Construction of nonstationary Gabor frames
Resolution changing over time
The setting of nonstationary Gabor frames allows for changing (adaptive) windows in different time positions. Then, for each time position, we build atoms by regular frequency modulation. Using a set of functions \(g_n\) for \(n\in \mathbb{Z}\) in \(l^2(\mathbb{R})\) and frequency sampling step \(b_n,\) we define atoms of the form \(g_{m,n}[l] = \textbf{M}_{mb_n/M}g_n[l] = g_n[l]e^{2\pi j mb_nl}\)
for \(m = 0,1,...,M-1\) and \(n\in \mathbb{Z}.\) The only difference between this and standard Gabor theory is that now we can vary the window \(g_n\) at each time-step \(a_n.\) Therefore, the time-frequency lattice becomes regular over frequency at each temporal position but irregular over time.
Example of a sampling grid for the nonstationary Gabor transform with
a) TF resolution changing over time and b) TF resolution changing over
frequency.
Resolution changing over frequency
A logical continuation is to irregularly sample the frequency axis using windows that feature adaptive bandwidth. Then, sampling is regular over the time axis. To do this, we’ll introduce a family of functions \(h_m\) for \(m \in 0,1,...,M-1$ in $l^2(\mathbb{R})\) and define atoms of the form
\[h_{m,n}[l] = \textbf{T}_{na_m}h_m = h_m[l - na_m]\]for \(n\in \mathbb{Z}\). In practice, \(h_m\) will be chosen as a well localized band-pass function with center frequency \(b_n\).
Gabor multipliers
Gabor multipliers are linear operators on sequences \(f \in l^2(\mathbb{Z})\) defined by pointwise multiplication with a TF transfer function called a Gabor mask, in the Gabor coefficients domain. If we denote the Gabor mask by \(\textbf{u}\) and the multiplier operator by \(\textbf{U}\), then the Gabor multiplier associated to the Gabor system \(\mathcal{G}(g,a,M)\) is defined by \(\textbf{U}_\textbf{u} = \textbf{G*}\textbf{u}\textbf{G}\), where \(\textbf{G}\) is the analysis operator as described in Section 2. Applied to a signal \(f,\) we have
\[\textbf{U}_\textbf{u}f = \sum_{m,n}\textbf{u}[m,n]⟨f, g_{m,n}⟩g_{m,n}.\]Gabor multipliers have been studied extensively in [4], [5], and, more recently, in [6]. Their properties are not particularly relevant to the current investigation but the curious reader is invited to review the references above for more information.

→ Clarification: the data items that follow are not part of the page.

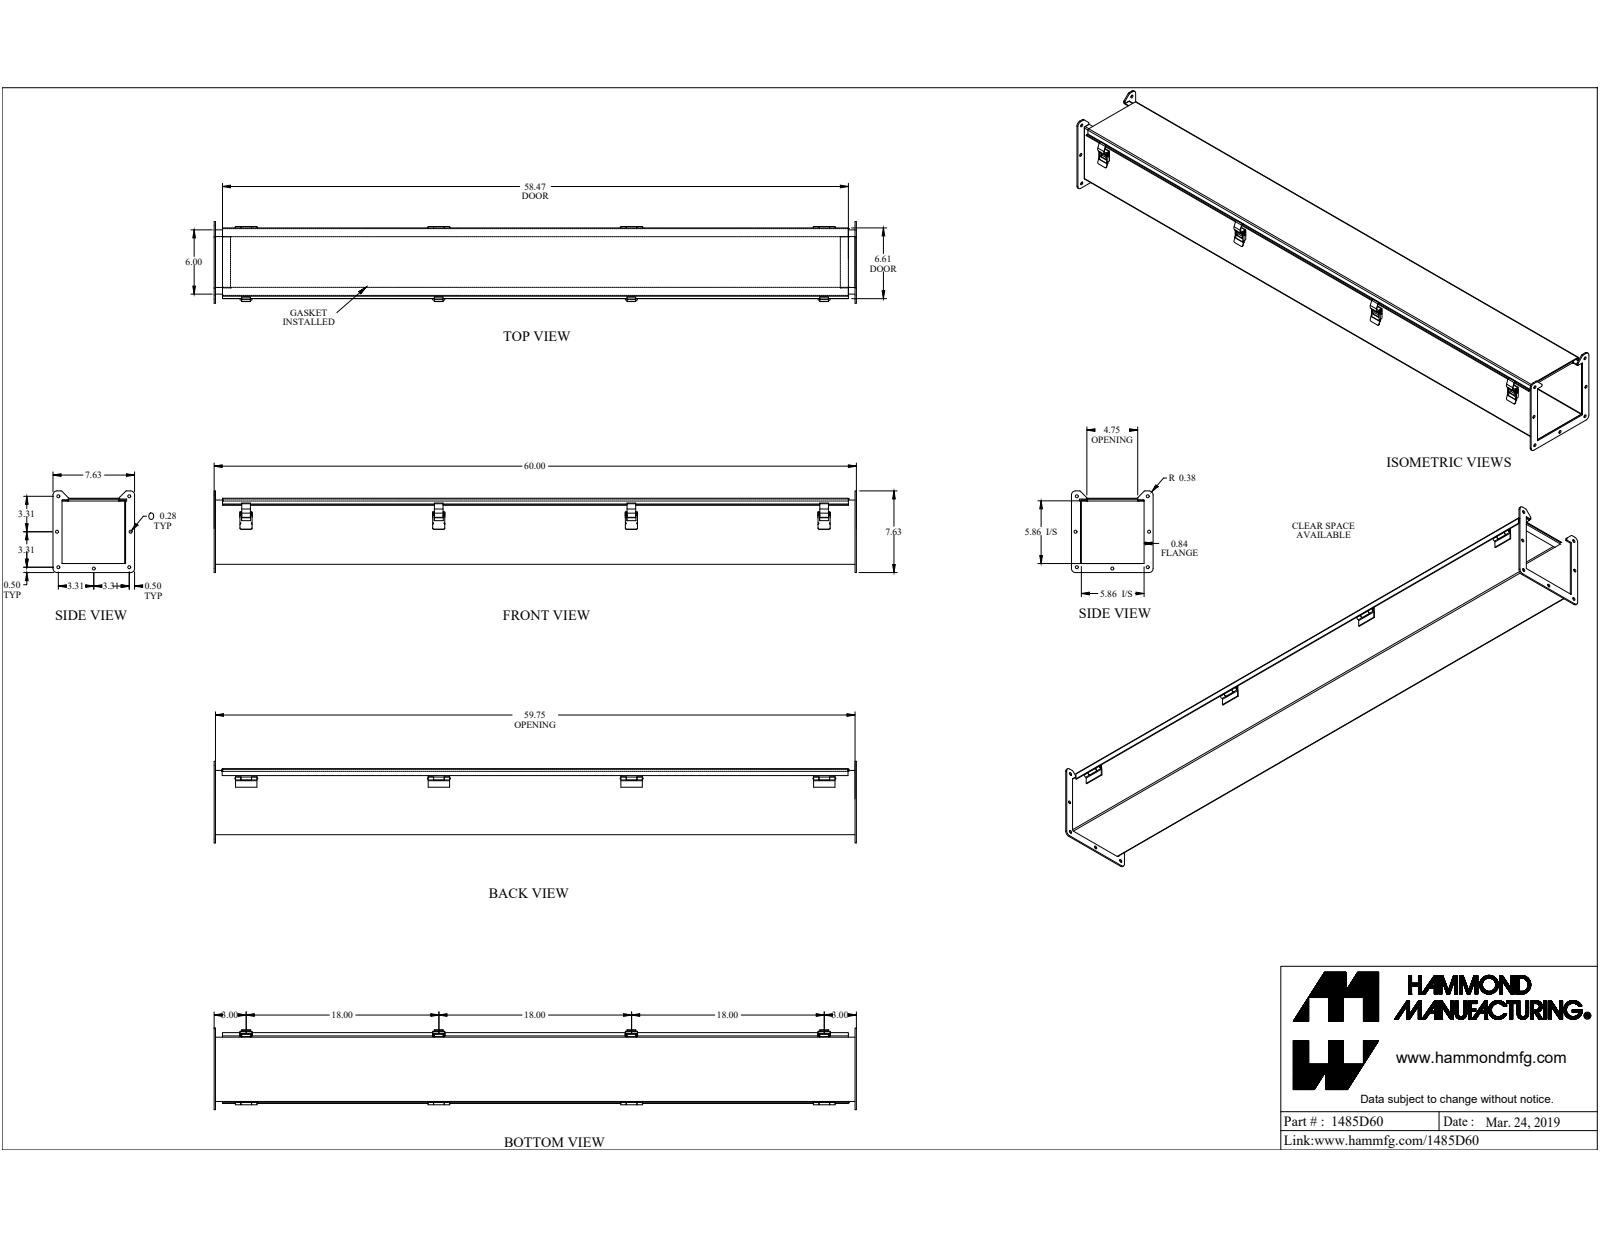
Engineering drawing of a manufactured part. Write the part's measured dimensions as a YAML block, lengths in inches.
part_name: "1485D60"
step_written_by: "SolidWorks 2019 (CONFIG_CONTROL_DESIGN)"
units: inches
bodies: {solids: 32, faces: 706, planar: 418, cylindrical: 280, other: 8}
overall_size: [60, 7.625, 7.625]
volume: 137.9
surface_area: 3573
round_holes:
  - {diameter: 0.281, count: 7}
  - {diameter: 0.125, count: 1}
  - {diameter: 0.13, count: 1}
  - {diameter: 0.164, count: 1}
round_bosses_or_shafts:
  - {diameter: 0.187, count: 2}
  - {diameter: 0.275, count: 1}
  - {diameter: 0.156, count: 1}
  - {diameter: 0.125, count: 1}
  - {diameter: 0.125, count: 1}
partial_cylinders:
  - {radius: 0.016, count: 25}
  - {radius: 0.125, count: 13}
  - {radius: 0.035, count: 9}
  - {radius: 0.039, count: 9}
  - {radius: 0.076, count: 9}
  - {radius: 0.015, count: 8}
  - {radius: 0.029, count: 8}
  - {radius: 0.086, count: 8}
face_to_face_distances: [0.072, 5.928, 6.1, 6, 5.856, 6.028, 6.172, 0.172, 5.913, 5.841]
hole_center_spacings: [7.519, 6.625, 3.315, 3.315, 9.369, 0.285, 1.112, 1.459]

Dual Gabor frames beyond the canonical dual
In this section, we will review some results from [2] and investigate their relevance to the current investigation. As mentioned previously, Gabor frames allow for a redundant representation of a signal and are therefore necessary for perfect reconstruction. Their use allows for an infinite number of dual frames, frames used for resynthesizing a signal from the Gabor coefficients (analysis). In the literature of Gabor theory, the dual window known as the canonical dual is, by far, the most widely used. However, Perraudin et al. [2] argue that the canonical dual might lack desirable properties, e.g. good time-frequency concentration, small support, or smoothness. Therefore, it is useful to search the entire set of dual windows for one that best fits a given context.
The Wexler-Raz Equations
In 1990, Wexler and Raz [7] showed that if the Gabor system \(\mathcal{G}(g,a,M)\) is redundant, then the dual window \(h\in l^2(\mathbb{Z})\) is not unique. Rather, the space of dual windows equals the solution set of the so-called Wexler-Raz equations that characterize the dual Gabor windows for \(\mathcal{G}(g,a,M)\). They are given by
\(\frac{M}{a}⟨h,g[\cdot - nM]e^{2\pi jm\cdot /a}⟩ = \delta[n]\delta[m]\)\(\text{ or }\)\(\textbf{G}_{g,M,a}h = [a/M,0,0,...]^T\)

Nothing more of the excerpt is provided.